Work request: Quote exactly the lines running from the line with "#442 = CARTESIAN_POINT( '', ( 0., 0., 0. ) );" to the end of the entries, including both, and nothing else.

Source data:
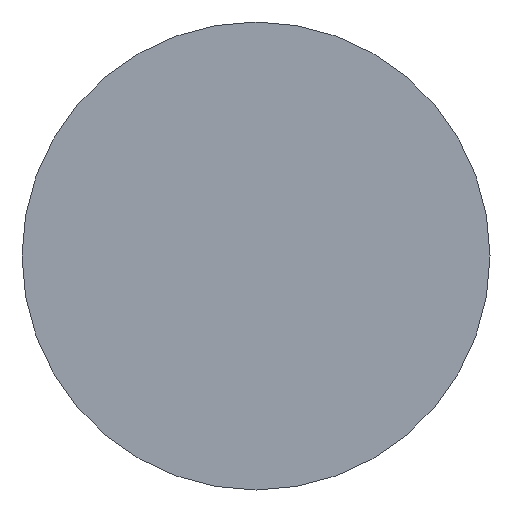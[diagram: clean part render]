
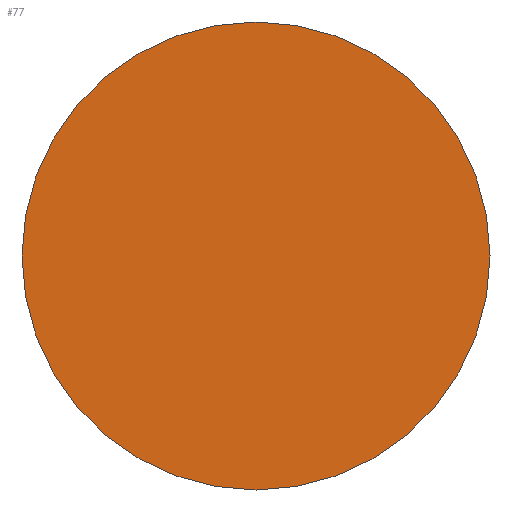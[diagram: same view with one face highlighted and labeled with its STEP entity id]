
A CAD part, left-side view. The second image highlights one B-rep face of the part: STEP entity #77.
In plain terms, the highlighted free-form (B-spline) face has degree [1, 1] with [2, 2] control points.
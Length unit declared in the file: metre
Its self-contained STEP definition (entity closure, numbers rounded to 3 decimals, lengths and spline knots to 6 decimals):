
#77 = ADVANCED_FACE( '', ( #93 ), #94, .F. );
#93 = FACE_OUTER_BOUND( '', #123, .T. );
#94 = B_SPLINE_SURFACE_WITH_KNOTS( '', 1, 1, ( ( #124, #125 ), ( #126, #127 ) ), .UNSPECIFIED., .F., .F., .F., ( 2, 2 ), ( 2, 2 ), ( 0., 1. ), ( 0., 1. ), .UNSPECIFIED. );
#123 = EDGE_LOOP( '', ( #217, #218 ) );
#124 = CARTESIAN_POINT( '', ( 0., -0.013156, 0.013156 ) );
#125 = CARTESIAN_POINT( '', ( 0., 0.013156, 0.013156 ) );
#126 = CARTESIAN_POINT( '', ( 0., -0.013156, -0.013156 ) );
#127 = CARTESIAN_POINT( '', ( 0., 0.013156, -0.013156 ) );
#217 = ORIENTED_EDGE( '', *, *, #301, .T. );
#218 = ORIENTED_EDGE( '', *, *, #302, .T. );
#301 = EDGE_CURVE( '', #327, #328, #329, .T. );
#302 = EDGE_CURVE( '', #328, #327, #330, .T. );
#327 = VERTEX_POINT( '', #369 );
#328 = VERTEX_POINT( '', #370 );
#329 = CIRCLE( '', #371, 0.013 );
#330 = CIRCLE( '', #372, 0.013 );
#369 = CARTESIAN_POINT( '', ( 0., 0., -0.013 ) );
#370 = CARTESIAN_POINT( '', ( 0., 0., 0.013 ) );
#371 = AXIS2_PLACEMENT_3D( '', #439, #440, #441 );
#372 = AXIS2_PLACEMENT_3D( '', #442, #443, #444 );
#439 = CARTESIAN_POINT( '', ( 0., 0., 0. ) );
#440 = DIRECTION( '', ( -1., 0., 0. ) );
#441 = DIRECTION( '', ( 0., 0., 1. ) );
#442 = CARTESIAN_POINT( '', ( 0., 0., 0. ) );
#443 = DIRECTION( '', ( -1., 0., 0. ) );
#444 = DIRECTION( '', ( 0., 0., 1. ) );

Your solution:
#442 = CARTESIAN_POINT( '', ( 0., 0., 0. ) );
#443 = DIRECTION( '', ( -1., 0., 0. ) );
#444 = DIRECTION( '', ( 0., 0., 1. ) );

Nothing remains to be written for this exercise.